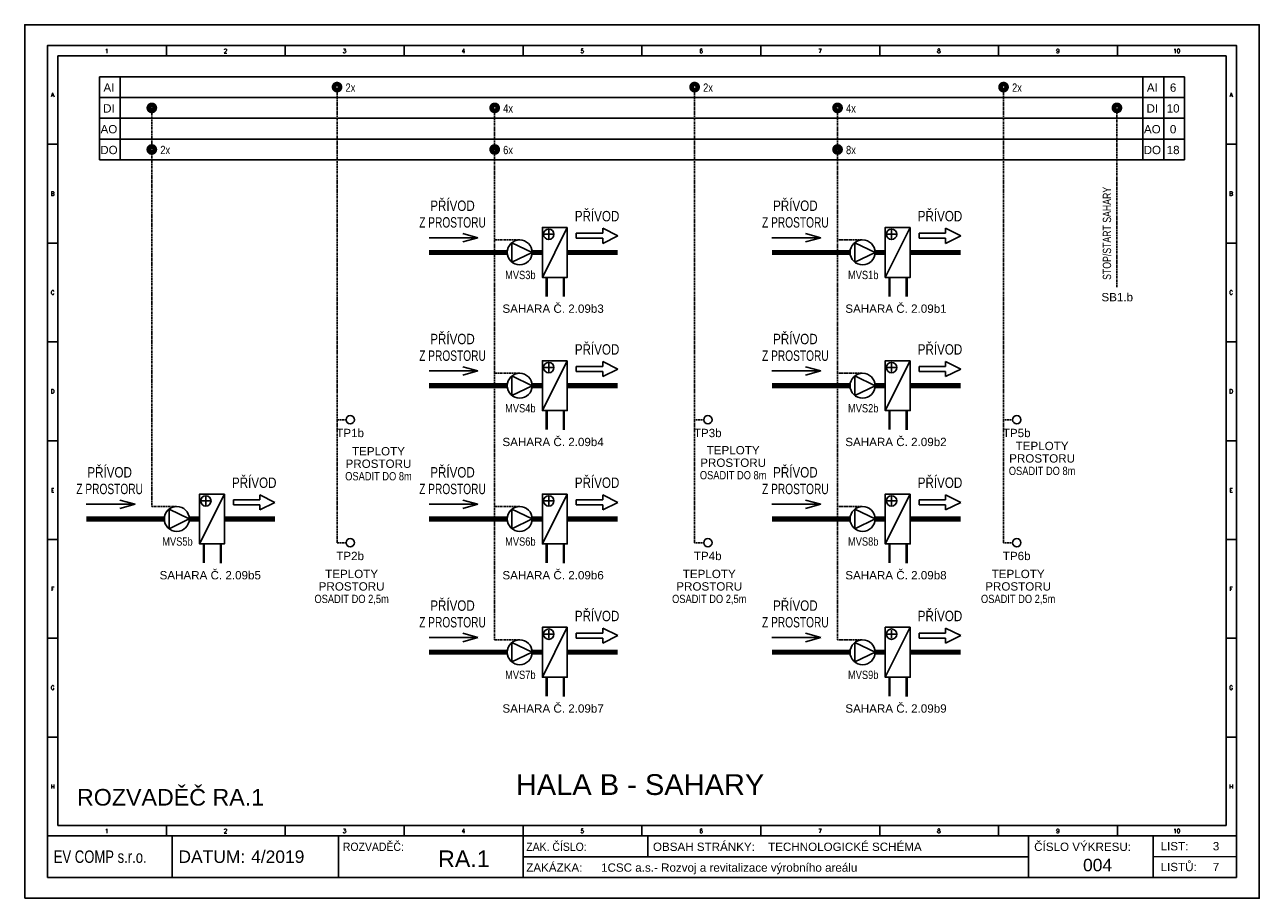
# Model space of a CAD drawing. Header units: millimetres. Extents: x 16 to 2801, y 7797 to 8217.
# Tile 3 of 18: x 619 to 916, y 7876 to 8086. Entities that reach past the tile are written whole.
import ezdxf
from ezdxf.enums import TextEntityAlignment as Align

# ---------------------------------------------------------------- set-up
doc = ezdxf.new("R2010")
doc.units = ezdxf.units.MM
doc.linetypes.add('ČÁRKOVANÁ2', pattern=[0.375, 0.25, -0.125])
for name, color, linetype in [('Přístroje MaR', 1, 'Continuous'), ('Přístroje VZT', 5, 'Continuous'), ('Výkres', 4, 'Continuous')]:
    doc.layers.add(name, color=color, linetype=linetype)
doc.layers.add('Výkres netisk', color=7, linetype='Continuous', plot=False)
doc.styles.add('ROMANS', font='romans.shx', dxfattribs={"width": 0.8})
doc.styles.get("Standard").update_dxf_attribs({"font": 'arial.ttf'})

msp = doc.modelspace()

# ---------------------------------------------------------------- linework, layer by layer
at = {"layer": 'Přístroje MaR', "linetype": 'ČÁRKOVANÁ2'}
for p, q in [((694.2, 7961.23, 62407.63), (694.2, 8070.73, 62407.63)), ((780.22, 7961.23, 62407.63), (780.22, 8070.73, 62407.63)), ((854.54, 7961.23, 62407.63), (854.54, 8070.73, 62407.63)), ((649.64, 7969.93, 62252), (649.64, 8065.77, 62252)), ((732.12, 7937.89, 62252), (732.12, 8065.77, 62252)), ((814.6, 7937.89, 62252), (814.6, 8065.77, 62252)), ((881.81, 8022.62, 62252), (881.81, 8065.8, 62252)), ((732.12, 8034.01, 62252), (738.14, 8034.01, 62252)), ((814.6, 8034.01, 62252), (820.62, 8034.01, 62252)), ((732.12, 8001.97, 62252), (738.14, 8001.97, 62252)), ((814.6, 8001.97, 62252), (820.62, 8001.97, 62252)), ((694.2, 7990.79, 62407.63), (696.38, 7990.79, 62407.63)), ((780.22, 7990.79, 62407.63), (782.41, 7990.79, 62407.63)), ((854.54, 7990.79, 62407.63), (856.72, 7990.79, 62407.63)), ((649.64, 7969.93, 62252), (655.66, 7969.93, 62252)), ((732.12, 7969.93, 62252), (738.14, 7969.93, 62252)), ((814.6, 7969.93, 62252), (820.62, 7969.93, 62252)), ((694.2, 7961.23, 62407.63), (696.38, 7961.23, 62407.63)), ((780.22, 7961.23, 62407.63), (782.41, 7961.23, 62407.63)), ((854.54, 7961.23, 62407.63), (856.72, 7961.23, 62407.63)), ((732.12, 7937.89, 62252), (738.14, 7937.89, 62252)), ((814.6, 7937.89, 62252), (820.62, 7937.89, 62252))]:
    msp.add_line(p, q, dxfattribs=at)
at = {"layer": 'Přístroje MaR'}
for points, elevation in [([(693.47, 8070.75, 1.12, 1.12, 1), (694.93, 8070.75, 1.12, 1.12, 1)], 62407.63), ([(779.49, 8070.75, 1.12, 1.12, 1), (780.96, 8070.75, 1.12, 1.12, 1)], 62407.63), ([(853.81, 8070.75, 1.12, 1.12, 1), (855.27, 8070.75, 1.12, 1.12, 1)], 62407.63), ([(648.91, 8065.75, 1.12, 1.12, 1), (650.38, 8065.75, 1.12, 1.12, 1)], 62252), ([(731.39, 8065.75, 1.12, 1.12, 1), (732.86, 8065.75, 1.12, 1.12, 1)], 62252), ([(813.87, 8065.75, 1.12, 1.12, 1), (815.34, 8065.75, 1.12, 1.12, 1)], 62252), ([(881.08, 8065.75, 1.12, 1.12, 1), (882.55, 8065.75, 1.12, 1.12, 1)], 62252), ([(648.91, 8055.75, 1.12, 1.12, 1), (650.38, 8055.75, 1.12, 1.12, 1)], 62252), ([(731.39, 8055.75, 1.12, 1.12, 1), (732.86, 8055.75, 1.12, 1.12, 1)], 62252), ([(813.87, 8055.75, 1.12, 1.12, 1), (815.34, 8055.75, 1.12, 1.12, 1)], 62252)]:
    msp.add_lwpolyline(points, format="xyseb", close=True, dxfattribs=dict(at, elevation=elevation))
for centre in [(697.38, 7990.79, 62407.63), (783.41, 7990.79, 62407.63), (857.72, 7990.79, 62407.63), (697.38, 7961.23, 62407.63), (783.41, 7961.23, 62407.63), (857.72, 7961.23, 62407.63)]:
    msp.add_circle(centre, 1, dxfattribs=at)
at = {"layer": 'Přístroje VZT'}
for p, q in [((749.6, 8037.01, 62252), (743.6, 8025.01, 62252)), ((758.11, 8036.83, 62252), (758.11, 8035.62, 62252)), ((758.11, 8036.83, 62252), (761.75, 8035.01, 62252)), ((832.08, 8037.01, 62252), (826.08, 8025.01, 62252)), ((840.59, 8036.83, 62252), (840.59, 8035.62, 62252)), ((840.59, 8036.83, 62252), (844.23, 8035.01, 62252)), ((716.35, 8034.55, 62252), (728.09, 8034.55, 62252)), ((724.45, 8035.57, 62252), (728.09, 8034.55, 62252)), ((724.45, 8033.54, 62252), (728.09, 8034.55, 62252)), ((744.13, 8035.36, 62252), (746.13, 8035.36, 62252)), ((745.13, 8034.36, 62252), (745.13, 8036.36, 62252)), ((751.75, 8035.62, 62252), (751.75, 8034.4, 62252)), ((751.75, 8035.62, 62252), (758.11, 8035.62, 62252)), ((751.75, 8034.4, 62252), (758.11, 8034.4, 62252)), ((761.75, 8035.01, 62252), (758.11, 8033.19, 62252)), ((758.11, 8034.4, 62252), (758.11, 8033.19, 62252)), ((798.83, 8034.55, 62252), (810.57, 8034.55, 62252)), ((806.93, 8035.57, 62252), (810.57, 8034.55, 62252)), ((806.93, 8033.54, 62252), (810.57, 8034.55, 62252)), ((826.61, 8035.36, 62252), (828.61, 8035.36, 62252)), ((827.61, 8034.36, 62252), (827.61, 8036.36, 62252)), ((834.23, 8035.62, 62252), (834.23, 8034.4, 62252)), ((834.23, 8035.62, 62252), (840.59, 8035.62, 62252)), ((834.23, 8034.4, 62252), (840.59, 8034.4, 62252)), ((844.23, 8035.01, 62252), (840.59, 8033.19, 62252)), ((840.59, 8034.4, 62252), (840.59, 8033.19, 62252)), ((736.27, 8033.35, 62252), (736.27, 8028.67, 62252)), ((741.14, 8031.01, 62252), (736.27, 8033.35, 62252)), ((741.14, 8031.01, 62252), (736.27, 8028.67, 62252)), ((818.75, 8033.35, 62252), (818.75, 8028.67, 62252)), ((823.62, 8031.01, 62252), (818.75, 8033.35, 62252)), ((823.62, 8031.01, 62252), (818.75, 8028.67, 62252)), ((749.6, 8004.97, 62252), (743.6, 7992.97, 62252)), ((745.13, 8002.32, 62252), (745.13, 8004.32, 62252)), ((758.11, 8004.79, 62252), (758.11, 8003.58, 62252)), ((758.11, 8004.79, 62252), (761.75, 8002.97, 62252)), ((832.08, 8004.97, 62252), (826.08, 7992.97, 62252)), ((827.61, 8002.32, 62252), (827.61, 8004.32, 62252)), ((840.59, 8004.79, 62252), (840.59, 8003.58, 62252)), ((840.59, 8004.79, 62252), (844.23, 8002.97, 62252)), ((716.35, 8002.51, 62252), (728.09, 8002.51, 62252)), ((724.45, 8003.53, 62252), (728.09, 8002.51, 62252)), ((724.45, 8001.5, 62252), (728.09, 8002.51, 62252)), ((736.27, 8001.31, 62252), (736.27, 7996.63, 62252)), ((741.14, 7998.97, 62252), (736.27, 8001.31, 62252)), ((744.13, 8003.32, 62252), (746.13, 8003.32, 62252)), ((751.75, 8003.58, 62252), (751.75, 8002.36, 62252)), ((751.75, 8003.58, 62252), (758.11, 8003.58, 62252)), ((751.75, 8002.36, 62252), (758.11, 8002.36, 62252)), ((761.75, 8002.97, 62252), (758.11, 8001.15, 62252)), ((758.11, 8002.36, 62252), (758.11, 8001.15, 62252)), ((798.83, 8002.51, 62252), (810.57, 8002.51, 62252)), ((806.93, 8003.53, 62252), (810.57, 8002.51, 62252)), ((806.93, 8001.5, 62252), (810.57, 8002.51, 62252)), ((818.75, 8001.31, 62252), (818.75, 7996.63, 62252)), ((823.62, 7998.97, 62252), (818.75, 8001.31, 62252)), ((826.61, 8003.32, 62252), (828.61, 8003.32, 62252)), ((834.23, 8003.58, 62252), (834.23, 8002.36, 62252)), ((834.23, 8003.58, 62252), (840.59, 8003.58, 62252)), ((834.23, 8002.36, 62252), (840.59, 8002.36, 62252)), ((844.23, 8002.97, 62252), (840.59, 8001.15, 62252)), ((840.59, 8002.36, 62252), (840.59, 8001.15, 62252)), ((741.14, 7998.97, 62252), (736.27, 7996.63, 62252)), ((823.62, 7998.97, 62252), (818.75, 7996.63, 62252)), ((641.97, 7971.49, 62252), (645.61, 7970.47, 62252)), ((667.12, 7972.93, 62252), (661.12, 7960.93, 62252)), ((662.65, 7970.28, 62252), (662.65, 7972.28, 62252)), ((669.27, 7971.53, 62252), (669.27, 7970.32, 62252)), ((669.27, 7971.53, 62252), (675.63, 7971.53, 62252)), ((675.63, 7972.75, 62252), (675.63, 7971.53, 62252)), ((675.63, 7972.75, 62252), (679.27, 7970.93, 62252)), ((724.45, 7971.49, 62252), (728.09, 7970.47, 62252)), ((749.6, 7972.93, 62252), (743.6, 7960.93, 62252)), ((745.13, 7970.28, 62252), (745.13, 7972.28, 62252)), ((751.75, 7971.53, 62252), (751.75, 7970.32, 62252)), ((751.75, 7971.53, 62252), (758.11, 7971.53, 62252)), ((758.11, 7972.75, 62252), (758.11, 7971.53, 62252)), ((758.11, 7972.75, 62252), (761.75, 7970.93, 62252)), ((806.93, 7971.49, 62252), (810.57, 7970.47, 62252)), ((832.08, 7972.93, 62252), (826.08, 7960.93, 62252)), ((827.61, 7970.28, 62252), (827.61, 7972.28, 62252)), ((834.23, 7971.53, 62252), (834.23, 7970.32, 62252)), ((834.23, 7971.53, 62252), (840.59, 7971.53, 62252)), ((840.59, 7972.75, 62252), (840.59, 7971.53, 62252)), ((840.59, 7972.75, 62252), (844.23, 7970.93, 62252)), ((633.87, 7970.47, 62252), (645.61, 7970.47, 62252)), ((641.97, 7969.46, 62252), (645.61, 7970.47, 62252)), ((653.78, 7969.27, 62252), (653.78, 7964.59, 62252)), ((658.66, 7966.93, 62252), (653.78, 7969.27, 62252)), ((661.65, 7971.28, 62252), (663.65, 7971.28, 62252)), ((669.27, 7970.32, 62252), (675.63, 7970.32, 62252)), ((679.27, 7970.93, 62252), (675.63, 7969.1, 62252)), ((675.63, 7970.32, 62252), (675.63, 7969.1, 62252)), ((716.35, 7970.47, 62252), (728.09, 7970.47, 62252)), ((724.45, 7969.46, 62252), (728.09, 7970.47, 62252)), ((736.27, 7969.27, 62252), (736.27, 7964.59, 62252)), ((741.14, 7966.93, 62252), (736.27, 7969.27, 62252)), ((744.13, 7971.28, 62252), (746.13, 7971.28, 62252)), ((751.75, 7970.32, 62252), (758.11, 7970.32, 62252)), ((761.75, 7970.93, 62252), (758.11, 7969.1, 62252)), ((758.11, 7970.32, 62252), (758.11, 7969.1, 62252)), ((798.83, 7970.47, 62252), (810.57, 7970.47, 62252)), ((806.93, 7969.46, 62252), (810.57, 7970.47, 62252)), ((818.75, 7969.27, 62252), (818.75, 7964.59, 62252)), ((823.62, 7966.93, 62252), (818.75, 7969.27, 62252)), ((826.61, 7971.28, 62252), (828.61, 7971.28, 62252)), ((834.23, 7970.32, 62252), (840.59, 7970.32, 62252)), ((844.23, 7970.93, 62252), (840.59, 7969.1, 62252)), ((840.59, 7970.32, 62252), (840.59, 7969.1, 62252)), ((658.66, 7966.93, 62252), (653.78, 7964.59, 62252)), ((741.14, 7966.93, 62252), (736.27, 7964.59, 62252)), ((823.62, 7966.93, 62252), (818.75, 7964.59, 62252)), ((724.45, 7939.44, 62252), (728.09, 7938.43, 62252)), ((749.6, 7940.89, 62252), (743.6, 7928.89, 62252)), ((744.13, 7939.24, 62252), (746.13, 7939.24, 62252)), ((745.13, 7938.24, 62252), (745.13, 7940.24, 62252)), ((751.75, 7939.49, 62252), (751.75, 7938.28, 62252)), ((751.75, 7939.49, 62252), (758.11, 7939.49, 62252)), ((758.11, 7940.71, 62252), (758.11, 7939.49, 62252)), ((758.11, 7940.71, 62252), (761.75, 7938.89, 62252)), ((761.75, 7938.89, 62252), (758.11, 7937.06, 62252)), ((806.93, 7939.44, 62252), (810.57, 7938.43, 62252)), ((832.08, 7940.89, 62252), (826.08, 7928.89, 62252)), ((826.61, 7939.24, 62252), (828.61, 7939.24, 62252)), ((827.61, 7938.24, 62252), (827.61, 7940.24, 62252)), ((834.23, 7939.49, 62252), (834.23, 7938.28, 62252)), ((834.23, 7939.49, 62252), (840.59, 7939.49, 62252)), ((840.59, 7940.71, 62252), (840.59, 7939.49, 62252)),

□ □ □ □ □

*What this task involves*.
Return word for word the lines from the beginning of the entries through the line that contains "doc.linetypes.add('ČÁRKOVANÁ2', pattern=[0.375, 0.25, -0.125])", both ends included, but no pictures.

*Task result*.
# Model space of a CAD drawing. Header units: millimetres. Extents: x 16 to 2801, y 7797 to 8217.
# Tile 3 of 18: x 619 to 916, y 7876 to 8086. Entities that reach past the tile are written whole.
import ezdxf
from ezdxf.enums import TextEntityAlignment as Align

# ---------------------------------------------------------------- set-up
doc = ezdxf.new("R2010")
doc.units = ezdxf.units.MM
doc.linetypes.add('ČÁRKOVANÁ2', pattern=[0.375, 0.25, -0.125])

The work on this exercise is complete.